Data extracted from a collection
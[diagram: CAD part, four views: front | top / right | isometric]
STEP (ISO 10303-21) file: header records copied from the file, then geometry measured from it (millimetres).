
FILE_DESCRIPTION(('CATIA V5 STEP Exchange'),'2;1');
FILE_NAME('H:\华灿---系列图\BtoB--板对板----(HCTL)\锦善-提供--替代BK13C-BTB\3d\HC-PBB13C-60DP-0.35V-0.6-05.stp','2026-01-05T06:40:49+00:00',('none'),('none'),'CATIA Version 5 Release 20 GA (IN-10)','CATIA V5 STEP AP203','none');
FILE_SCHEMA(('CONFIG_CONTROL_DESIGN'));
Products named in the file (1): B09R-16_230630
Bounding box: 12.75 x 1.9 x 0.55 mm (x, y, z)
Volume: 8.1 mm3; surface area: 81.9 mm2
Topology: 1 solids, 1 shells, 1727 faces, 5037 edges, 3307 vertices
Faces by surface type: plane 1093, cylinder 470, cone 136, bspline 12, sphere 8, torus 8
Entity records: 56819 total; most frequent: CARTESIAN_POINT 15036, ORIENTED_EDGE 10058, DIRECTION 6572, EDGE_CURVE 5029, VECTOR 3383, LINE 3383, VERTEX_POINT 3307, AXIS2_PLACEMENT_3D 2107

ABOUT THIS TASK → Produce an exact copy of each line from the one holding "STEP (ISO 10303-21)" through the last line of the records, both included, and nothing more.

OUTPUT FOR THIS EXERCISE →
STEP (ISO 10303-21) file: header records copied from the file, then geometry measured from it (millimetres).
FILE_DESCRIPTION(('CATIA V5 STEP Exchange'),'2;1');
FILE_NAME('H:\华灿---系列图\BtoB--板对板----(HCTL)\锦善-提供--替代BK13C-BTB\3d\HC-PBB13C-60DP-0.35V-0.6-05.stp','2026-01-05T06:40:49+00:00',('none'),('none'),'CATIA Version 5 Release 20 GA (IN-10)','CATIA V5 STEP AP203','none');
FILE_SCHEMA(('CONFIG_CONTROL_DESIGN'));
Products named in the file (1): B09R-16_230630
Bounding box: 12.75 x 1.9 x 0.55 mm (x, y, z)
Volume: 8.1 mm3; surface area: 81.9 mm2
Topology: 1 solids, 1 shells, 1727 faces, 5037 edges, 3307 vertices
Faces by surface type: plane 1093, cylinder 470, cone 136, bspline 12, sphere 8, torus 8
Entity records: 56819 total; most frequent: CARTESIAN_POINT 15036, ORIENTED_EDGE 10058, DIRECTION 6572, EDGE_CURVE 5029, VECTOR 3383, LINE 3383, VERTEX_POINT 3307, AXIS2_PLACEMENT_3D 2107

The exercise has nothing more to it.